§ **Goal of the exercise**: Whenever a line carries the word "GASKET", pull it out of the entries.

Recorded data
------------------------------

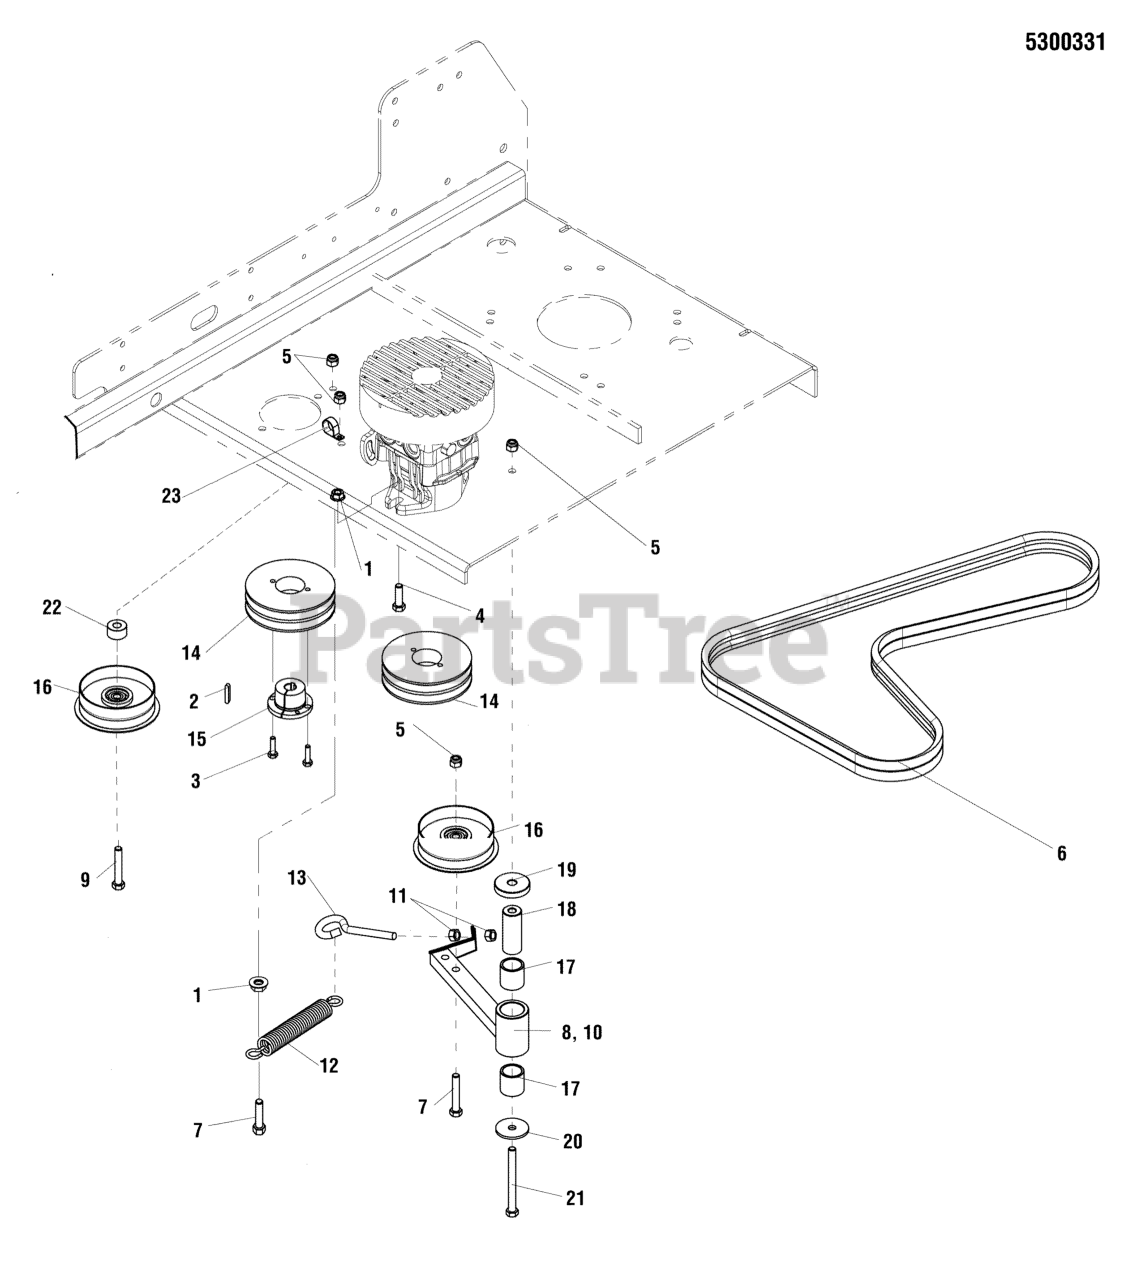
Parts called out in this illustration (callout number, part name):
1	NUT, 3/8-16 HEX SERRATED FLANGE
2	KEY, 5MM SQ. W/ RADIUS
3	BOLT, 1/4-20 X 1" GD5 CZ
4	BOLT, 3/8-16 X 1-1/4" GD5 CZ
5	NUT, 3/8-16 HEX NYLOCK FLANGE
6	BELT, BANDED A-SEC,64.76EL,POLY,RAW EDGE
7	BOLT, 3/8-16 X 2-1/4" GD5 CZ
8	WELD, ARM, PUMP DRIVE IDLER - RED MODEL
9	BOLT, 3/8-16 X 1-3/4" GD5 CZ
10	WELD, ARM, PUMP DRIVE IDLER - ORANGE MODEL
11	NUT, 3/8-16 HEX
12	SPRING, EXTENSION, SWIVEL END
13	EYE BOLT, 3/8-16 X 6", 1" EYE
14	PULLEY, PUMP DRIVE
15	BUSHING, TAPERED HUB
16	PULLEY, IDLER, SINGLE FLANGE
17	BUSHING, BRASS, 1.25X1X1.25
18	SPACER, .39 X 1.00 X 2.55, SS
19	SPACER, .45 X 1.88 X .50
20	SPACER, .39 X 1.00 X 2.55, SS
21	BOLT, 3/8-16 X 4" GD5 CZ
22	SPACER, .39 X 1.00 X .50
23	CLAMP, VINYL INSULATED
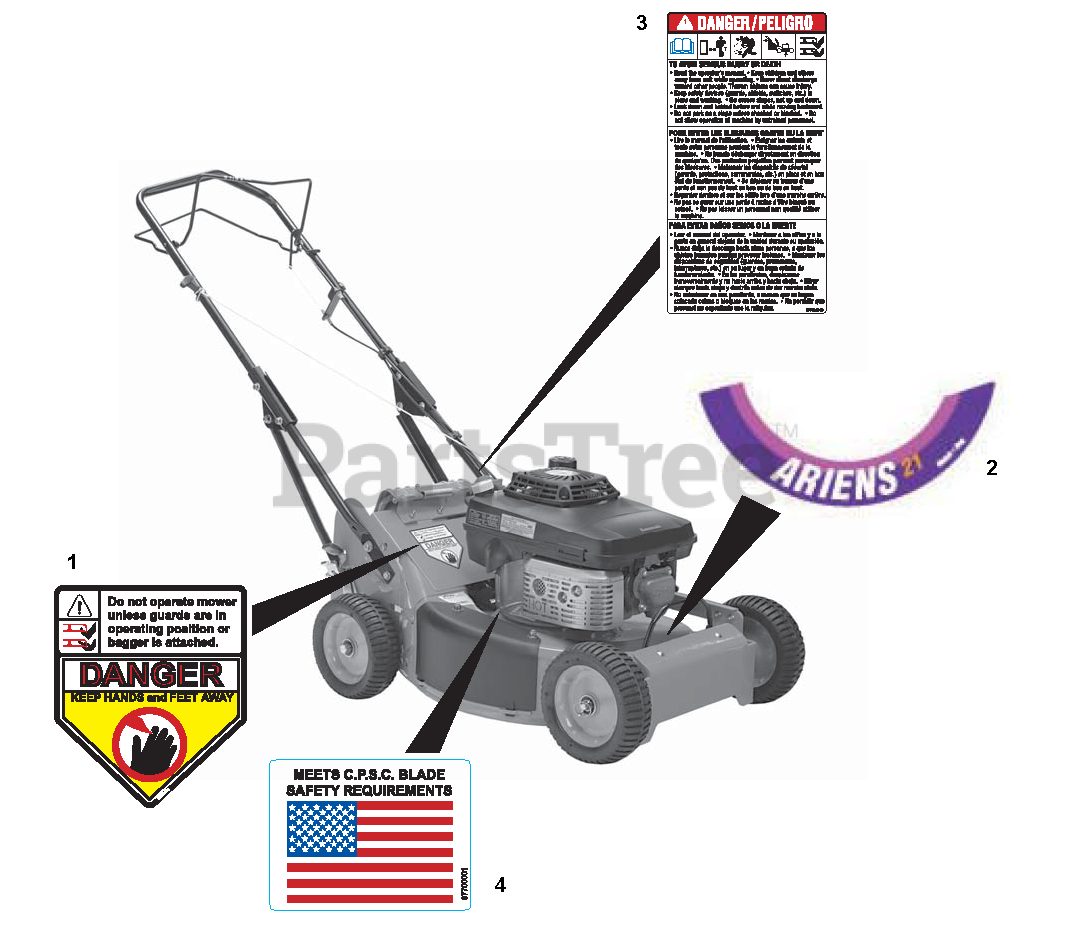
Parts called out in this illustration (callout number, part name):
1	DECAL, CPSC DANGER
2	DECAL, ARIENS DECK (PRO HONDA)
3	DECAL, BILINGUAL DANGER
4	DECAL, CPSC/USA FLAG
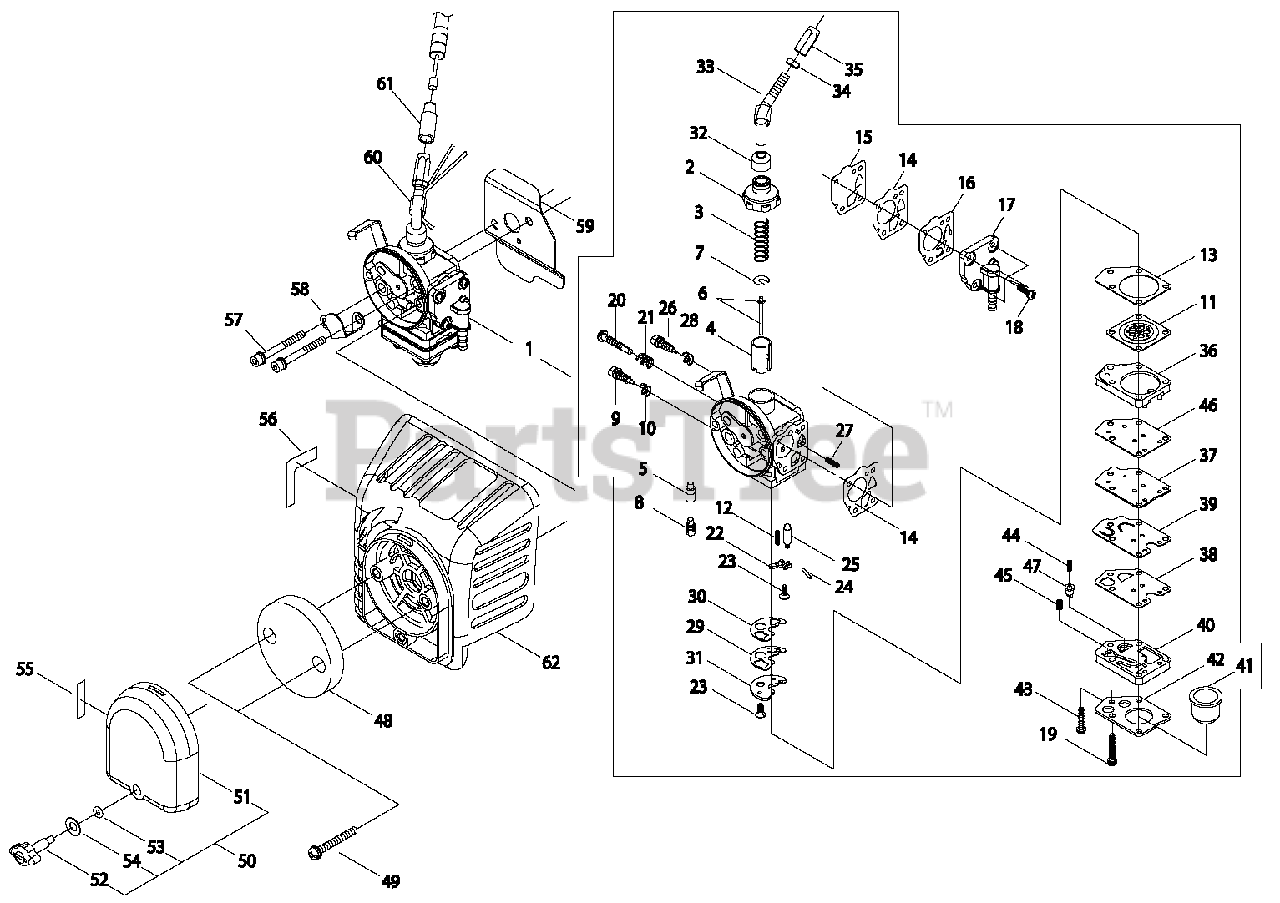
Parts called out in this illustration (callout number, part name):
1	CARBURETOR DPV11W-19A
2	CAP, CARBURETOR
3	SPRING, THROTTLE
3	NEEDLE, JET
4	VALVE, SLIDE
5	JET, MAIN
6	NEEDLE, JET
7	WASHER, SPRING SUPPORT
8	HOLDER, MAIN JET
9	SCREW, MAIN ADJUST
10	SPRING
11	DIAPHRAGM, METERING
12	SPRING
13	GASKET, METERING DIAPHRAGM
14	GASKET, DIAPHRAGM
15	DIAPHRAGM, METERING
16	VALVE, PUMP
17	PUMP BODY
18	SCREW
19	SCREW 3×20
20	SCREW, IDLE ADJUST
21	SPRING
22	LEVER, METERING
23	SCREW M3×8
24	PIN, METERING LEVER
25	VALVE, INLET NEEDLE
26	SCREW, SLOW AIR
27	SPRING
28	SPRING
29	VALVE, CHECK
30	PACKING
31	PLATE
32	CAP, DUST
33	PIPE, CABLE ADJUSTER
34	NUT, LOCK
35	ADJUSTER, CABLE
36	COVER, PUMP
37	GASKET
38	PLATE, PUMP
39	VALVE, CHECK
40	BODY, PURGE
41	BULB, PURGE
42	RETAINER, PURGE BULB
43	SCREW
44	SPRING
45	SPRING
46	GASKET
47	VALVE, CHECK
48	FILTER, AIR
49	SCREW M4×25
50	COVER ASSY, AIR FILTER
51	COVER, AIR FILTER
52	THUMBSCREW
53	O-RING
54	WASHER, CONE M6
55	LABEL, CHOKE
56	LABEL, CARBURETOR
57	BOLT
58	PLATE
59	GASKET, CARBURETOR
60	TUBE, PROTECTIVE
61	CAP, CARBURETOR
62	CASE, AIR FILTER
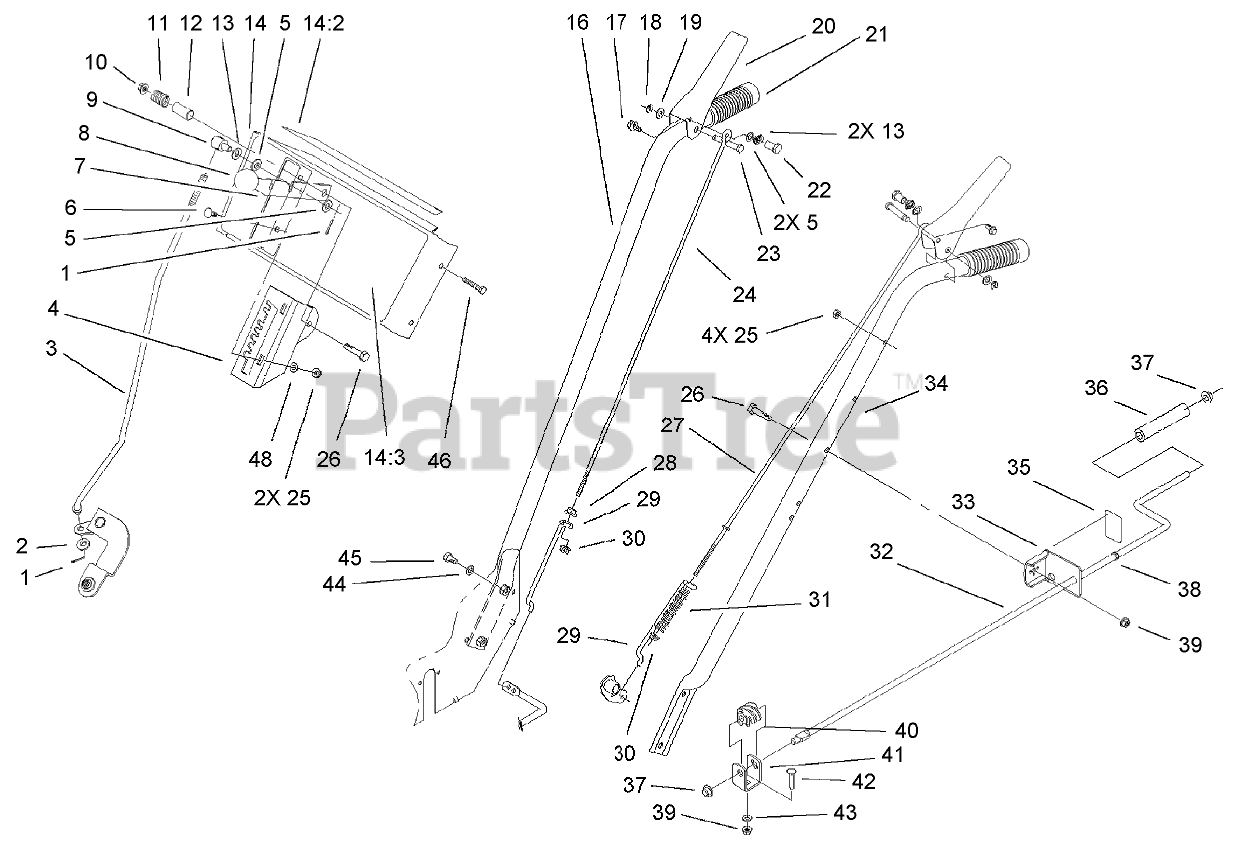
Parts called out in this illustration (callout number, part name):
1	PIN-COTTER
2	WASHER-FLAT
3	ROD-SHIFT
4	MOUNT-SPEED SELECTOR
5	WASHER-FLAT
6	SCREW-CARR
7	SELECTOR-SPEED
9	TRUNNION
10	NUT-HF
11	SPRING
12	SPACER
13	WASHER-SPRING
14	CONTROL PANEL ASM (only on: 38078)
14	CONTROL PANEL ASM (only on: 38053)
14:2	DECAL-ESCUTCHEON BACK (only on: 38078)
14:2	DECAL-ESCUTCHEON BACK (only on: 38053)
14:3	DECAL-CONTROL PANEL (only on: 38053)
14:3	DECAL-CONTROL PANEL (only on: 38078)
16	HANDLE-RIGHT
17	SCREW-HHF
18	RING-CLIP
19	WASHER-PLAIN
20	HANDLE-CONTROL
21	GRIP-HANDLE
22	POST-MOUNTING, LINKAGE
23	PIN-LEVER, CONTROL
24	ROD-UPPER ENGAGE AUGER
25	NUT-LOCK, NI
26	SCREW-HH
27	ROD-UPPER TRACTION
28	NUT-HF
29	ROD-LOWER TRACTION
30	NUT-HHF
31	SPRING
32	ROD-CONTROL, CHUTE
33	BRACKET-ROD, CHUTE
34	LEFT HANDLE
35	DECAL-CHUTE DIRECTION
36	GRIP-CONTROL, CHUTE
37	RETAINER-PUSH ON
38	Bushing
39	NUT-LOCK, NI
40	GEAR-WORM, CHUTE
41	BRACKET-WORM
42	SCREW-CARR
43	WASHER-LOCK
44	WASHER-BELLEVILLE
45	SCREW-HWHTF
46	SCREW-HH
48	WASHER-FLAT

------------------------------

§ **Response area**:
13	GASKET, METERING DIAPHRAGM
14	GASKET, DIAPHRAGM
37	GASKET
46	GASKET
59	GASKET, CARBURETOR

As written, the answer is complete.